--- EXERCISE REQUIREMENTS ---
Tally the lines in these records that hold the string "area", and reply with the number alone.

[[ ENTRIES PROVIDED open ]]

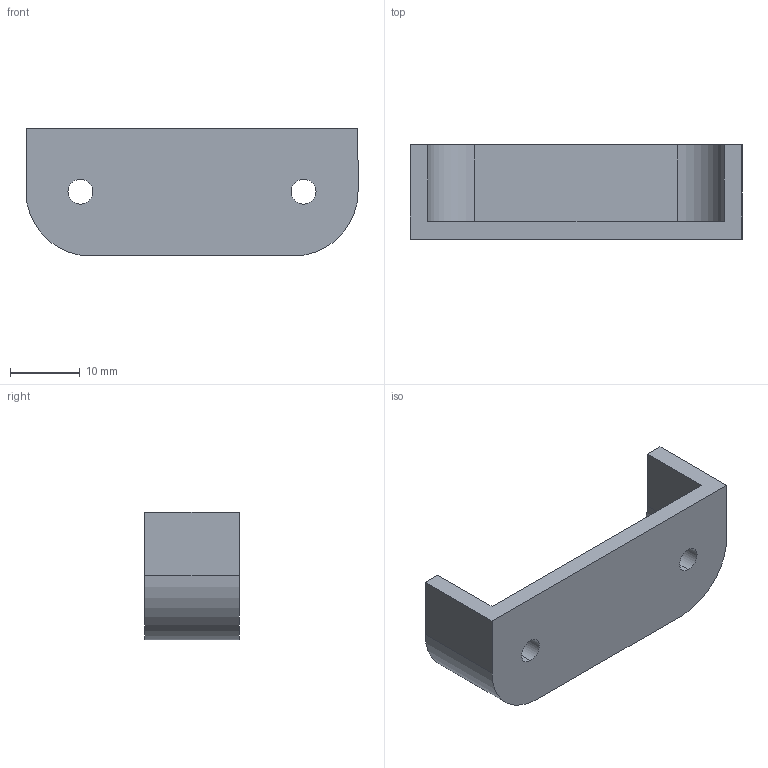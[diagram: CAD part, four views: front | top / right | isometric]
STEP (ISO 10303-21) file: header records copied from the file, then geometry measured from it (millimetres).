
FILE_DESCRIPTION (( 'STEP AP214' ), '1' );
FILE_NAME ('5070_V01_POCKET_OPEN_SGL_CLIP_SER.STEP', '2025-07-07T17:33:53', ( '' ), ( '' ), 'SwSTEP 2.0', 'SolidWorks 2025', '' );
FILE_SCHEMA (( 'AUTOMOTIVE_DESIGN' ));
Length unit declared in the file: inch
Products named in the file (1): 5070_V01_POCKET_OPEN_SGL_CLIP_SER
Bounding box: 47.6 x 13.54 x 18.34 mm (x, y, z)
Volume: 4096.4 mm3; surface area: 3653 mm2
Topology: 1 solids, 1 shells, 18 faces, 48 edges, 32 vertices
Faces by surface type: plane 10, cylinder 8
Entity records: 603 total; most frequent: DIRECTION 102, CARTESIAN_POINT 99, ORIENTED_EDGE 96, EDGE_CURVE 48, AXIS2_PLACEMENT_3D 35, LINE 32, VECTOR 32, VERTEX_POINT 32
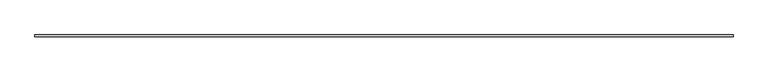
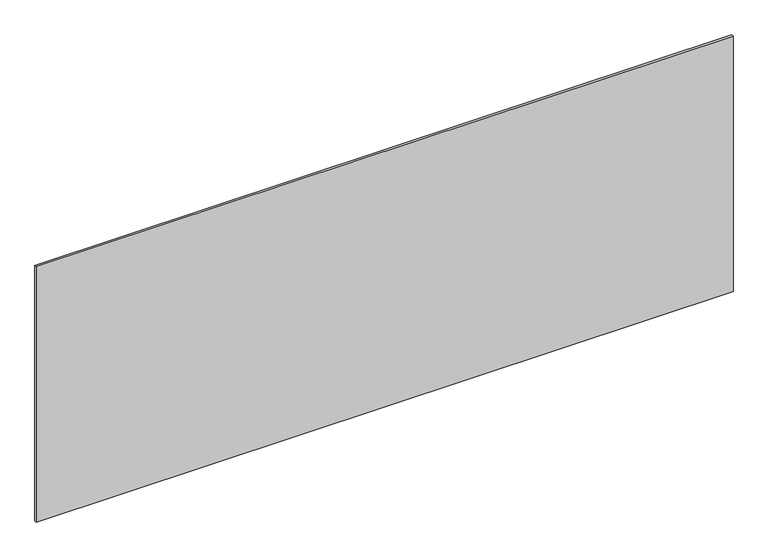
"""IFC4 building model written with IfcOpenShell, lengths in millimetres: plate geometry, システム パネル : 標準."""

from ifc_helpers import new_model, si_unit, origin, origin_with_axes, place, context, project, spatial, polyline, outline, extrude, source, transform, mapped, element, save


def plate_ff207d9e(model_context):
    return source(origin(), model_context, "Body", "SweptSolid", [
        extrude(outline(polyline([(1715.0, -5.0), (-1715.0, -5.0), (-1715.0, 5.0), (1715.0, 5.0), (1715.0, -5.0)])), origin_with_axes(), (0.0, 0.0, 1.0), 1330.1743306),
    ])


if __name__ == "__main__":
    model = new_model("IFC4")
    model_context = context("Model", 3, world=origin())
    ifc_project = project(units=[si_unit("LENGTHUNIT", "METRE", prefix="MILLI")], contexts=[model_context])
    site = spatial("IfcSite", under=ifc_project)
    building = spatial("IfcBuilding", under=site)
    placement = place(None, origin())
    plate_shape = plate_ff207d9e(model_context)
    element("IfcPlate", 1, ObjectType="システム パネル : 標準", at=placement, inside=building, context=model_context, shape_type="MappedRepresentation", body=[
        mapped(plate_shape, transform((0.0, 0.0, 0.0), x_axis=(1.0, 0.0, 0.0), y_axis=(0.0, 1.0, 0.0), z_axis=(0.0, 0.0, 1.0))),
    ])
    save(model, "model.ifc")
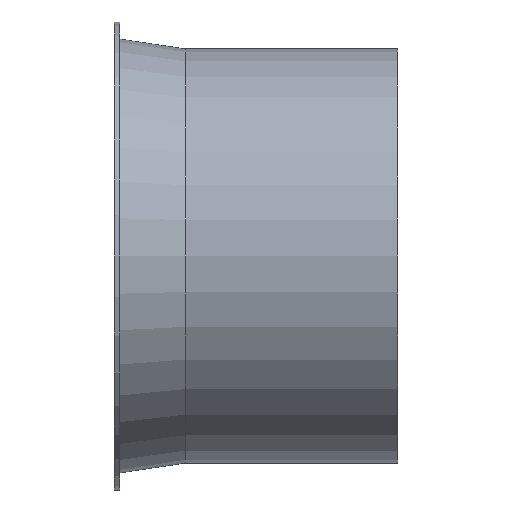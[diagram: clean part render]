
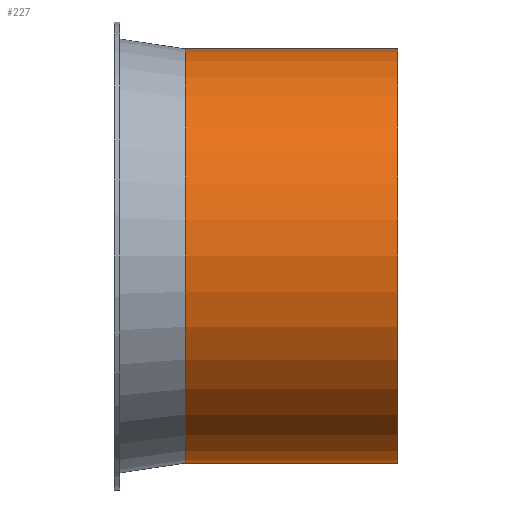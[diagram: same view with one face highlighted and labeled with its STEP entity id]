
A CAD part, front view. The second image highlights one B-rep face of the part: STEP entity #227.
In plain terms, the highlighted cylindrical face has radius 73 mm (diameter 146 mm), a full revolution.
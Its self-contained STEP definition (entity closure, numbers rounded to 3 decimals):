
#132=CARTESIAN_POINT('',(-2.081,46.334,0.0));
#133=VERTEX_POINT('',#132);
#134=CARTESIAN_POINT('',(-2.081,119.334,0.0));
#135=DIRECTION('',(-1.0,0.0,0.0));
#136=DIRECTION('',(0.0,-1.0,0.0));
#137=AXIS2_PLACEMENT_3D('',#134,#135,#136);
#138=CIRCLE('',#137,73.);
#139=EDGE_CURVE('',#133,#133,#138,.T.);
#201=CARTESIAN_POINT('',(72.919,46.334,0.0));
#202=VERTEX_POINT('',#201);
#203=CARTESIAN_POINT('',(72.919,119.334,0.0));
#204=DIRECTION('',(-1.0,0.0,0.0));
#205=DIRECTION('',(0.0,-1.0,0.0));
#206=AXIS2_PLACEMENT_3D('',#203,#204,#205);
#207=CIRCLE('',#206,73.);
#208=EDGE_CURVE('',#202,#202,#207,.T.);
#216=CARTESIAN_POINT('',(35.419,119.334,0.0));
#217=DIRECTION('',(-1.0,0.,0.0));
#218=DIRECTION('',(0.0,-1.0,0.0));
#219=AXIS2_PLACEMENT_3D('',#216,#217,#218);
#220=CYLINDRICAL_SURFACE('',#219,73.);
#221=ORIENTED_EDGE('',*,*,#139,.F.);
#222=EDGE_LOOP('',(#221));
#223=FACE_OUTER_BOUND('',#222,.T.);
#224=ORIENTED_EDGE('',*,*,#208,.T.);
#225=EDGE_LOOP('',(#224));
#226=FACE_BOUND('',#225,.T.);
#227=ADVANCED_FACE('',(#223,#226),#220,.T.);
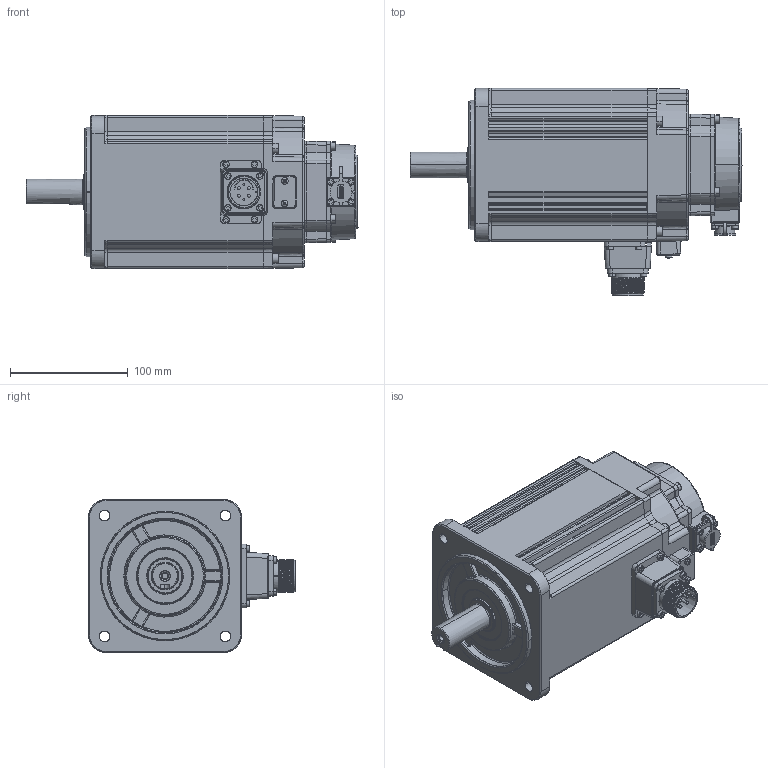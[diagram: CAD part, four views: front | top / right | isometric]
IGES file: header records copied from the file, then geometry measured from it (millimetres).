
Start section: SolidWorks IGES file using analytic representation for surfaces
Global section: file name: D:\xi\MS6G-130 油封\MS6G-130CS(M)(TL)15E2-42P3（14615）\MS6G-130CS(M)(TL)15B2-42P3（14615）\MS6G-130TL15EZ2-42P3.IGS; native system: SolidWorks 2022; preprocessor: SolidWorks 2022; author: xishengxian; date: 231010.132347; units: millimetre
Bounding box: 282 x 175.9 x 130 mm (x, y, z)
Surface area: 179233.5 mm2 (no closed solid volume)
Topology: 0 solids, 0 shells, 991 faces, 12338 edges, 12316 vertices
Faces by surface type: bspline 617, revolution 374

[[ ENTRIES PROVIDED closed ]]

--- YOUR SOLUTION ---
2